Over the course of two years working with Data Mesh, we at Annalect realized that, not only could it unify data sets across our organization — but with some enhancements, it could also become an invaluable framework for data collaboration — not only internally, but with outside clients, vendors, and partners!

We discovered massive, untapped potential in this already powerful framework.

Here’s how we implemented Data Mesh, then made it even more dexterous and collaborative…

Data Mesh in Practice

As groundbreaking as the original Data Mesh paper was, those who’ve tried to use it as an implementation guide are challenged by its non-prescriptive nature.

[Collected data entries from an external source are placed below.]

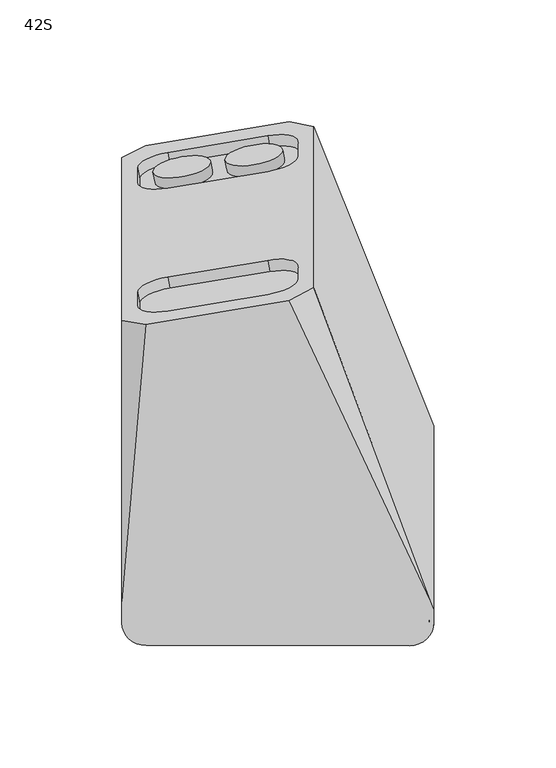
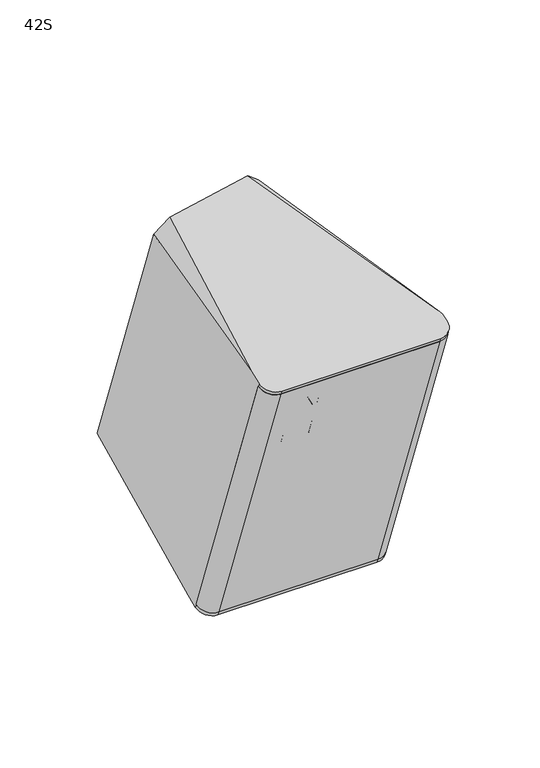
"""IFC4 building model written with IfcOpenShell, lengths in millimetres: proxy geometry, d&b xS-Series 42S Point Source : 42S."""

from ifc_helpers import new_model, si_unit, point, frame, frame_2d, origin, place, context, project, spatial, polyline, circle_curve, ellipse_curve, trimmed, segment, composite_curve, outline, extrude, source, transform, mapped, element, save
from ifc_brep_helpers import plane_surface, cylinder_surface, revolved_surface, advanced_brep


def proxy_42s_64e661f3(model_context):
    return source(origin(), model_context, "Body", "SolidModel", [
        extrude(outline(composite_curve([segment(trimmed(circle_curve(frame_2d((108.0, 8.0)), 8.0), [point((108.0, 0.0))], [point((116.0, 8.0))], True, "CARTESIAN"), True, "CONTINUOUS"), segment(polyline([(116.0, 8.0), (118.0349048, 8.0)]), True, "CONTINUOUS"), segment(trimmed(circle_curve(frame_2d((108.0, 8.0)), 10.0349048), [point((118.0349048, 8.0))], [point((108.0, -2.0349048))], False, "CARTESIAN"), True, "CONTINUOUS"), segment(polyline([(108.0, -2.0349048), (0.0, -2.0349048)]), True, "CONTINUOUS"), segment(trimmed(circle_curve(frame_2d((0.0, 7.9650952)), 10.0), [point((0.0, -2.0349048))], [point((-10.0, 7.9650952))], False, "CARTESIAN"), True, "CONTINUOUS"), segment(polyline([(-10.0, 7.9650952), (-8.0435242, 7.9650952)]), True, "CONTINUOUS"), segment(trimmed(circle_curve(frame_2d((-0.078429, 7.9650952)), 7.9650952), [point((-8.0435242, 7.9650952))], [point((-0.078429, 0.0))], True, "CARTESIAN"), True, "CONTINUOUS"), segment(polyline([(-0.078429, 0.0), (108.0, 0.0)]), True, "CONTINUOUS")], self_intersect=False)), frame((-54.0, -32.9082988, -125.8446629), z_axis=(0.0, -0.3420201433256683, 0.9396926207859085), x_axis=(1.0, 0.0, 0.0)), (0.0, 0.0, 1.0), 214.0),
        extrude(outline(polyline([(0.0, -16.3333333), (0.0, 0.0), (5.0, 0.0), (5.0, -16.3333333), (0.0, -16.3333333)])), frame((-25.3333333, -96.6121231, 43.2304922), z_axis=(0.0, -0.34202014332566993, 0.939692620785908), x_axis=(0.0, 0.939692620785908, 0.34202014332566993)), (0.0, 0.0, 1.0), 16.3333333),
        extrude(outline(polyline([(0.0, -16.3333333), (0.0, 0.0), (5.0, 0.0), (5.0, -16.3333333), (0.0, -16.3333333)])), frame((-25.3333333, -90.2277471, 25.6895633), z_axis=(0.0, -0.34202014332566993, 0.939692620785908), x_axis=(0.0, 0.939692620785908, 0.34202014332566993)), (0.0, 0.0, 1.0), 16.3333333),
        extrude(outline(polyline([(0.0, -16.3333333), (0.0, 0.0), (5.0, 0.0), (5.0, -16.3333333), (0.0, -16.3333333)])), frame((-44.0, -90.2277471, 25.6895633), z_axis=(0.0, -0.34202014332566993, 0.939692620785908), x_axis=(0.0, 0.939692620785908, 0.34202014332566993)), (0.0, 0.0, 1.0), 16.3333333),
        extrude(outline(composite_curve([segment(trimmed(circle_curve(frame_2d((-17.4999999, -26.8333333)), 8.1666667), [point((-25.6666666, -26.8333333))], [point((-9.3333333, -26.8333333))], False, "CARTESIAN"), True, "CONTINUOUS"), segment(trimmed(circle_curve(frame_2d((-17.4999999, -26.8333333)), 8.1666667), [point((-9.3333333, -26.8333333))], [point((-25.6666666, -26.8333333))], False, "CARTESIAN"), True, "CONTINUOUS")], self_intersect=False)), frame((-9.0, -105.3906401, 67.3492694), z_axis=(0.0, 0.939692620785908, 0.3420201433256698), x_axis=(0.0, -0.3420201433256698, 0.939692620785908)), (0.0, 0.0, 1.0), 5.0),
        advanced_brep(
        [(-64.0, -98.6158683, 77.973781), (-64.0, -25.4235576, -123.1204399), (-62.0435242, -25.4235576, -123.1204399), (-62.0435242, -98.6158683, 77.973781), (-54.078429, -32.9082988, -125.8446629), (-54.078429, -106.1006095, 75.249558), (54.0, -32.9082988, -125.8446629), (54.0, -106.1006095, 75.249558), (62.0, -25.3907578, -123.1085017), (62.0, -98.5830685, 77.9857191), (64.0, -25.3907578, -123.1085017), (64.0, -98.5830685, 77.9857191), (64.0, -24.4237461, -125.7653446), (64.0, -18.8860852, -123.6412262), (64.0, -93.9426289, 82.5749327), (64.0, -99.5500802, 80.6425619), (-64.0, -99.5830854, 80.6311881), (-64.0, -90.786634, 83.6625127), (-64.0, 24.4277715, 113.0683053), (-64.0, 91.3916643, -70.9134781), (-64.0, -15.76937, -122.4457264), (-64.0, -24.4563405, -125.777847), (14.6819894, 103.956592, -64.8711794), (14.6819894, 37.9369792, 116.5162158), (62.7855103, -90.786634, 83.6625127), (62.7855103, -15.76937, -122.4457264), (-54.1190905, 22.7447921, 122.7863128), (-54.1190905, 96.3490421, -79.439702), (4.5961827, 106.0168404, -75.7313587), (4.5961827, 32.5344324, 126.1598979), (-54.078429, -108.9646943, 77.3982137), (54.0, -109.0058498, 77.3840312), (54.0, -33.761829, -129.3472167), (-54.078429, -33.761829, -129.3472167), (54.0, -107.9799947, 74.5655177), (-54.078429, -107.9799947, 74.5655177), (-45.1738745, 28.384024, 111.9043171), (-57.4839714, 30.6195769, 99.4157696), (-57.4839714, 36.0561602, 84.4788799), (-45.1738745, 42.3711109, 73.4751118), (-4.2201563, 49.156862, 75.9449232), (8.0899406, 46.9213091, 88.4334707), (8.0899406, 41.4847258, 103.3703604), (-4.2201563, 35.1697751, 114.3741285), (-45.1738745, 78.8483277, -26.7452177), (-57.4839714, 81.0838806, -39.2337651), (-57.4839714, 87.1718391, -55.9602937), (-45.1738745, 93.4867898, -66.9640618), (-4.2201563, 100.2725409, -64.4942504), (8.0899406, 98.036988, -52.005703), (8.0899406, 91.9490294, -35.2791743), (-4.2201563, 85.6340788, -24.2754062), (-44.3056336, 23.7569411, 110.2201966), (-3.3519154, 30.5426922, 112.6900081), (8.9581815, 36.8576429, 101.68624), (8.9581815, 42.2942262, 86.7493502), (-3.3519154, 44.5297791, 74.2608028), (-44.3056336, 37.744028, 71.7909914), (-56.6157306, 31.4290773, 82.7947595), (-56.6157306, 25.992494, 97.7316492), (-44.3056336, 74.2212448, -28.4293381), (-3.3519154, 81.0069959, -25.9595267), (8.9581815, 87.3219466, -36.9632948), (8.9581815, 93.4099051, -53.6898234), (-3.3519154, 95.645458, -66.1783709), (-44.3056336, 88.8597069, -68.6481823), (-56.6157306, 82.5447562, -57.6444142), (-56.6157306, 76.4567977, -40.9178855), (-54.078429, -34.7467847, -126.513817), (54.0, -34.787684, -126.5287032)],
        [
            (0, 1),
            (1, 2),
            (2, 3),
            (3, 0),
            (2, 4, circle_curve(frame((-54.078429, -25.4235576, -123.1204399), z_axis=(0.0, -0.3420201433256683, 0.9396926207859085), x_axis=(-1.0, 0.0, 0.0)), 7.9650952)),
            (4, 5),
            (5, 3, circle_curve(frame((-54.078429, -98.6158683, 77.973781), z_axis=(0.0, 0.3420201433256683, -0.9396926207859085), x_axis=(-1.0, 0.0, 0.0)), 7.9650952)),
            (4, 6),
            (6, 7),
            (7, 5),
            (6, 8, circle_curve(frame((54.0, -25.3907578, -123.1085017), z_axis=(0.0, -0.3420201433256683, 0.9396926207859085), x_axis=(-1.0, 0.0, 0.0)), 8.0)),
            (8, 9),
            (9, 7, circle_curve(frame((54.0, -98.5830685, 77.9857191), z_axis=(0.0, 0.3420201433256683, -0.9396926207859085), x_axis=(-1.0, 0.0, 0.0)), 8.0)),
            (8, 10),
            (10, 11),
            (11, 9),
            (10, 12),
            (12, 13),
            (13, 14),
            (14, 15),
            (15, 11),
            (0, 16),
            (16, 17),
            (17, 18),
            (18, 19),
            (19, 20),
            (20, 21),
            (21, 1),
            (22, 23),
            (23, 24),
            (24, 14),
            (13, 25),
            (25, 22),
            (26, 18),
            (17, 26),
            (19, 27),
            (27, 20),
            (28, 22),
            (25, 28),
            (23, 29),
            (29, 24),
            (29, 26),
            (16, 30, ellipse_curve(frame((-54.078429, -99.5830854, 80.6311881), z_axis=(0.0, -0.3258048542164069, 0.9454370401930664), x_axis=(0.0, -0.9454370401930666, -0.32580485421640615)), 9.9230392, 9.921571)),
            (30, 31),
            (31, 15, ellipse_curve(frame((54.0, -99.5500802, 80.6425619), z_axis=(0.0, -0.3258048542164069, 0.9454370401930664), x_axis=(0.0, -0.9454370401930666, -0.32580485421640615)), 10.0014799, 10.0)),
            (12, 32, ellipse_curve(frame((54.0, -24.4237461, -125.7653446), z_axis=(0.0, 0.3581342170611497, -0.9336701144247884), x_axis=(0.0, 0.9336701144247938, 0.35813421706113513)), 10.0014799, 10.0)),
            (32, 33),
            (33, 21, ellipse_curve(frame((-54.078429, -24.4563405, -125.777847), z_axis=(0.0, 0.3581342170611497, -0.9336701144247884), x_axis=(0.0, 0.9336701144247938, 0.35813421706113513)), 9.9230392, 9.921571)),
            (27, 28),
            (11, 34, circle_curve(frame((54.0, -98.5830685, 77.9857191), z_axis=(0.0, 0.3420201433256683, -0.9396926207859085), x_axis=(-1.0, 0.0, 0.0)), 10.0)),
            (34, 35),
            (35, 0, circle_curve(frame((-54.078429, -98.6158683, 77.973781), z_axis=(0.0, 0.3420201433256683, -0.9396926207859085), x_axis=(-1.0, 0.0, 0.0)), 9.921571)),
            (35, 30),
            (34, 31),
            (36, 37, circle_curve(frame((-45.1738745, 32.6592758, 100.1581593), z_axis=(0.17364817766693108, -0.9254165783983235, -0.33682408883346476), x_axis=(0.9848077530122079, 0.16317591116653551, 0.05939117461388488)), 12.5)),
            (37, 38),
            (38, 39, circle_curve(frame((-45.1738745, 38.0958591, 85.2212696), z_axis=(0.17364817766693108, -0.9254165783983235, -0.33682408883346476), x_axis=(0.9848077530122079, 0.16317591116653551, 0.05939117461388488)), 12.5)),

Crucially, we at Annalect carefully planned and mapped Data Domains, and believe this was a key part of our Data Mesh strategy. Our classification and categorization of data sets took weeks of collaboration, involving Product and Tech teams. We believe this was time well-spent. Remember — paper is cheap. Cataloging and classifying data sources is much easier than re-engineering it. We grouped data into domains by granularity: event (time stamped), audience (data with a person-id identifier), and creative asset (creative file ID).

While the main objective behind mesh-ifying was to locate all data sets across our organization — because we didn’t have to move them, we were able to keep intact their architecture and storage types — without requiring that they conform to a single standard.

Requirements were few: nodes must adhere to pre-determined governance standards, and publish details to a Data Catalog — making it available to data consumers.

An easy-to-understand metaphor is that of a hotel: At Data Mesh Hotel, rooms aren’t required to have the same paint color or furniture. They can all be different styles, as long as they share the same key management, HVAC, and booking system.

Data nodes could even be “ronovated” if necessary, while keeping the local node architecture (data lake, data warehouse, storage with ETL pipelines), based on whatever made sense for that specific data type.

Incorporating New Tools: Clean Rooms & Distributed Compute

Data consumers generally don’t care about technicalities like how data is housed or whether it’s coming to them through a particular flavor of pipeline. What they do care about, is getting the data they need without waiting weeks for access, via their method of choice (dashboards, APIs, analytic workbenches, etc.).

To enhance Data Mesh’s inherent suitability for cross-team and cross-organization collaboration — getting data to a multi-disciplinary base of people who want it, where they want it — we incorporated some powerful new tools.

Enter Distributed Computing and Neutral Clean Rooms.

Distributed Compute separates storage from compute, and allows for one-point entry warehouse-like capabilities, without building an actual warehouse (check out Trino and Starburst).

Neutral clean rooms allow querying partners’ and clients’ data without moving it from their environment (see Annalect’s AWS Clean room launch post, where we shared our experience).

Both of these tools work across data nodes, whether they reside within one organization or across many, without unnecessary data movement. All of this happens in accordance with centralized governance and access principles, whether that means central, distributed or federated computing, or role-based access control down to the row-level.

The More-Secure, Less-Selfish Future of Data

When we embarked on this Data Mesh journey, our main objectives were liberation from rewrites, and data-sanity within our organization. Seamless, secure collaboration with our partners was a huge and unexpected bonus.

Organizations needn’t send data to each other to get work done. With new technology like clean rooms, we can work with client data without ever copying it or seeing sensitive consumer files. Similarly, working with partners like Demand Side Platforms, we can glean data insights without data dumps.

Amidst the ever-evolving landscapes of marketing and data, the ability to dynamically and securely work with our partners is crucial.

Final Thought

The Data mesh framework has been revolutionary in changing how people organize and manage data assets. However, we think one of its greatest advantages has not been explicity stated — the ability to do data work across organizations without physical data movement.